(Entries shown begins)

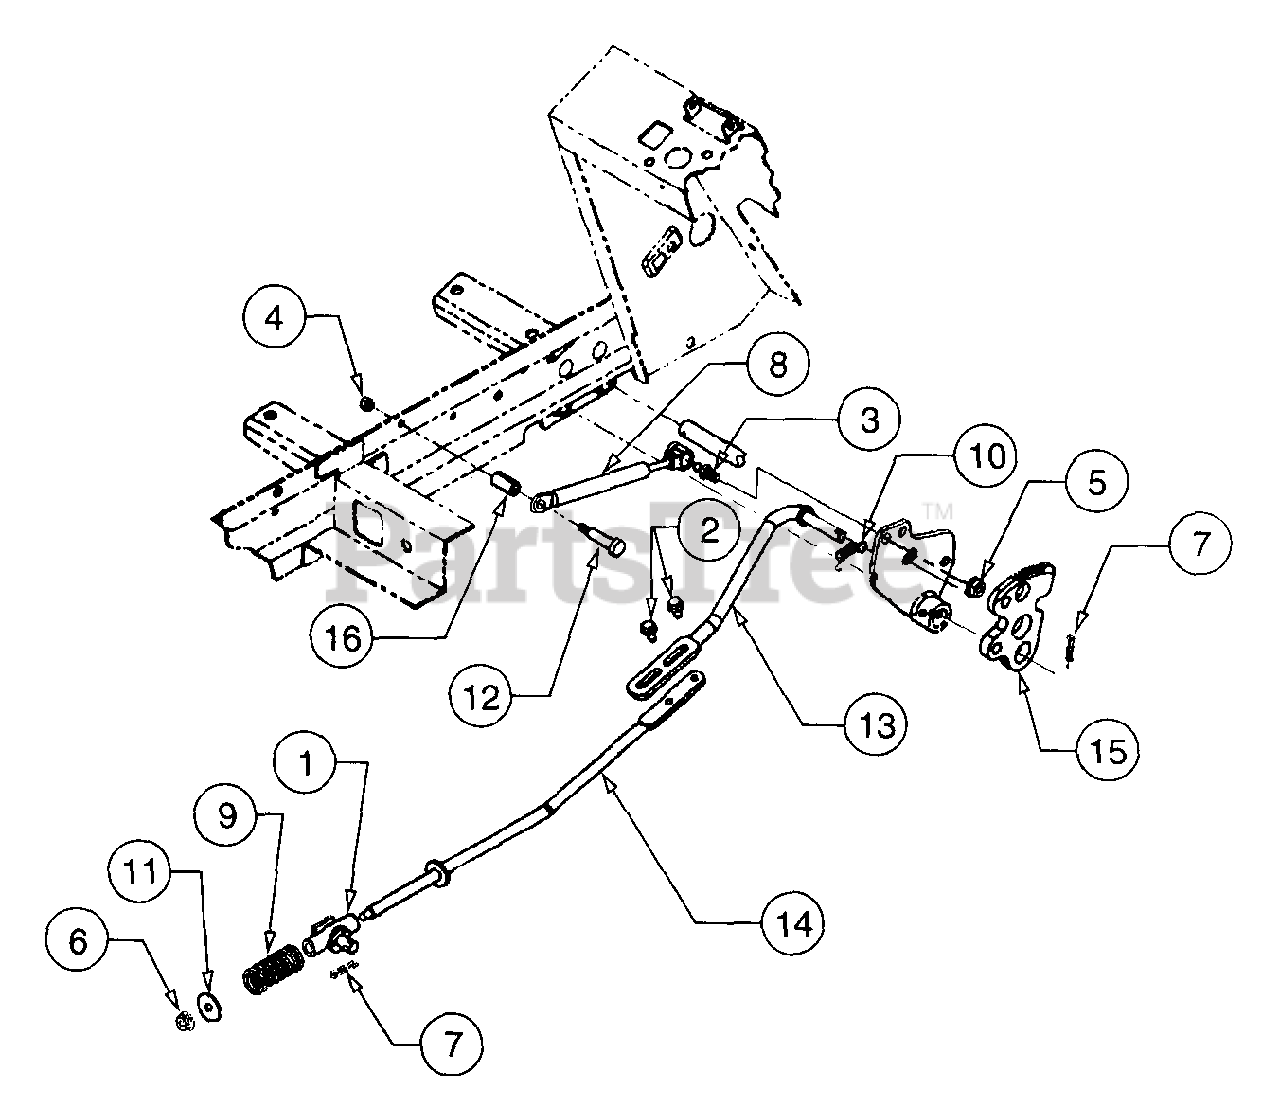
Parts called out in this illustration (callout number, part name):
1	Pivot Assembly
2	Screw, Hex Wash Hd Tapp 1/4-20 x .5
3	Screw, Ball, 5/16-18 x .56
4	Nut, Hex Sems, 1/4-20
5	Nut, Hex Flange Lock, 5/16-18 GR5
6	Nut, Hex Flange Lock, 1/4-20
7	Pin, Internal Cotter
8	Cylinder, Damper
9	Spring, Compression, .63 ID x 2.0 Lg
10	Spring, Extension, 3/8 OD x 1.44
11	Washer, Flat, .265 x 1.0 x .030
12	Bolt, Shoulder, .374 Dia x 1.375
13	Rod, Front Control
14	Rod, Rear Hydro Control
15	Plate, Cruise
16	Spacer, Split Tubing, .375 ID x 1.04
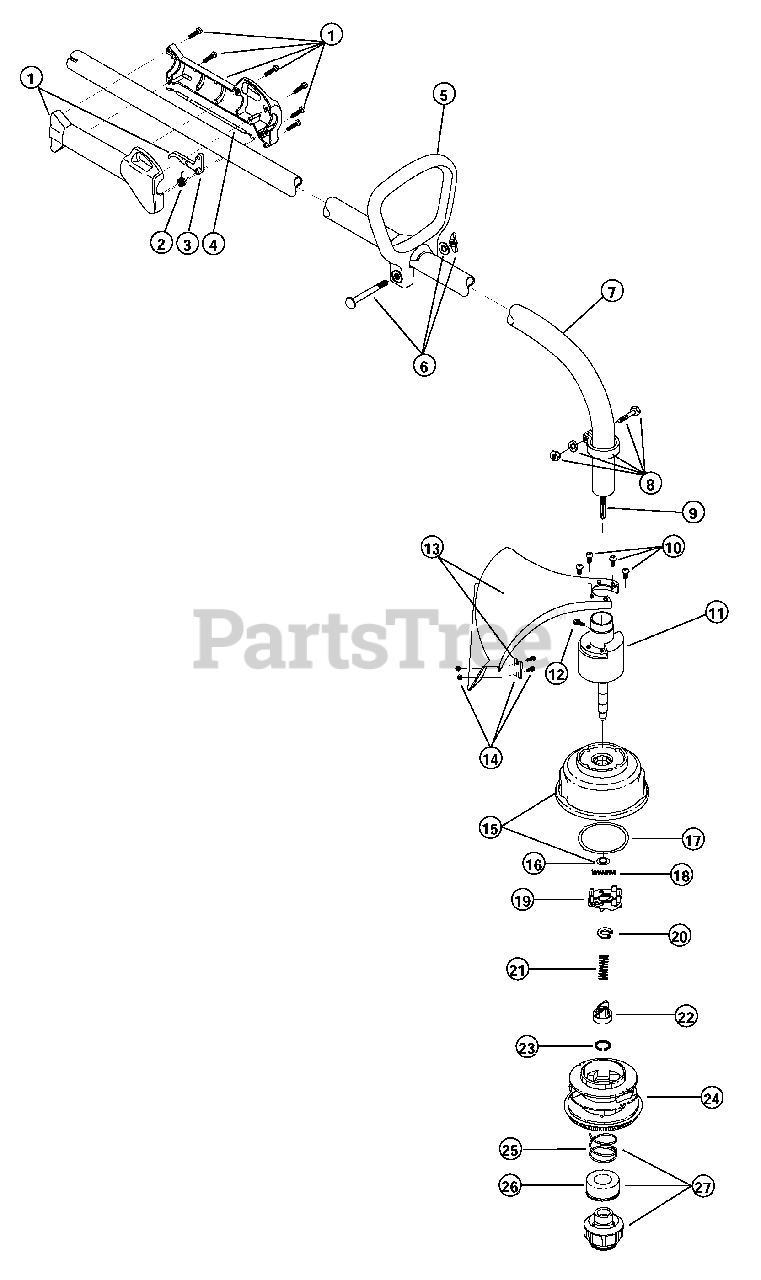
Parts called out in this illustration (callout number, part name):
1	Throttle Housing & Trigger Assembly
2	Throttle Trigger Spring
3	Throttle Trigger
4	Throttle Cable Assembly
5	D-Handle Assembly
6	D-Handle Hardware
7	Drive Shaft Housing Assembly
8	Lower Clamp Assembly
9	Flexible Drive Shaft
10	Shield Mounting Screw
11	Bushing Housing Assembly
12	Anti-Rotation Screw
13	Shield and Blade Assembly
14	Blade Assembly
15	Outer Spool Assembly w/ Retainer
16	Retainer
17	Thrust Washer
18	Small Spring
19	Slider
22	Plunger
24	Inner Reel
25	Large Spring
26	Foam Seal
27	Bump Head Knob Assembly
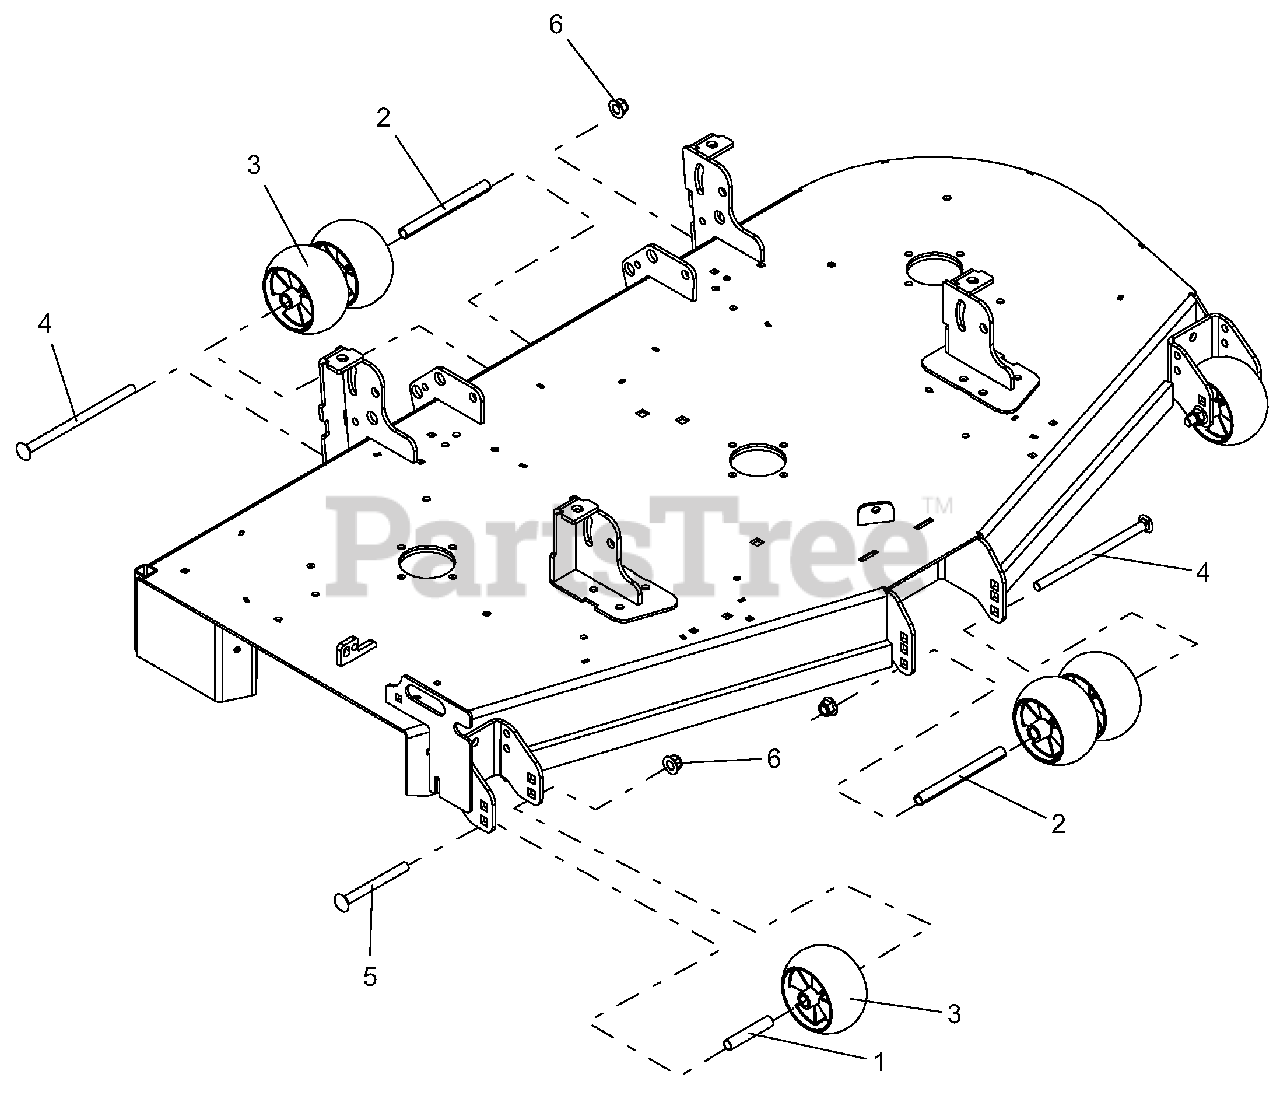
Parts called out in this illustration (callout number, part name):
1	SPACER, .510X.625X3.35
2	SPACER, .510X.625X6.70
3	ANTI-SCALP WHEEL - 5X3 CTR
4	BLT-RDHDSQNK .50-13X8.50 Y
5	BLT-RDHDSQNK .50-13X5.00 G5 YWZC
6	NUT-LK-NYL-FLG .50-13 YWZC

(Entries shown ends)

The material above must be reproduced line for line, with the images omitted.

Answer section:
Parts called out in this illustration (callout number, part name):
1	Pivot Assembly
2	Screw, Hex Wash Hd Tapp 1/4-20 x .5
3	Screw, Ball, 5/16-18 x .56
4	Nut, Hex Sems, 1/4-20
5	Nut, Hex Flange Lock, 5/16-18 GR5
6	Nut, Hex Flange Lock, 1/4-20
7	Pin, Internal Cotter
8	Cylinder, Damper
9	Spring, Compression, .63 ID x 2.0 Lg
10	Spring, Extension, 3/8 OD x 1.44
11	Washer, Flat, .265 x 1.0 x .030
12	Bolt, Shoulder, .374 Dia x 1.375
13	Rod, Front Control
14	Rod, Rear Hydro Control
15	Plate, Cruise
16	Spacer, Split Tubing, .375 ID x 1.04
Parts called out in this illustration (callout number, part name):
1	Throttle Housing & Trigger Assembly
2	Throttle Trigger Spring
3	Throttle Trigger
4	Throttle Cable Assembly
5	D-Handle Assembly
6	D-Handle Hardware
7	Drive Shaft Housing Assembly
8	Lower Clamp Assembly
9	Flexible Drive Shaft
10	Shield Mounting Screw
11	Bushing Housing Assembly
12	Anti-Rotation Screw
13	Shield and Blade Assembly
14	Blade Assembly
15	Outer Spool Assembly w/ Retainer
16	Retainer
17	Thrust Washer
18	Small Spring
19	Slider
22	Plunger
24	Inner Reel
25	Large Spring
26	Foam Seal
27	Bump Head Knob Assembly
Parts called out in this illustration (callout number, part name):
1	SPACER, .510X.625X3.35
2	SPACER, .510X.625X6.70
3	ANTI-SCALP WHEEL - 5X3 CTR
4	BLT-RDHDSQNK .50-13X8.50 Y
5	BLT-RDHDSQNK .50-13X5.00 G5 YWZC
6	NUT-LK-NYL-FLG .50-13 YWZC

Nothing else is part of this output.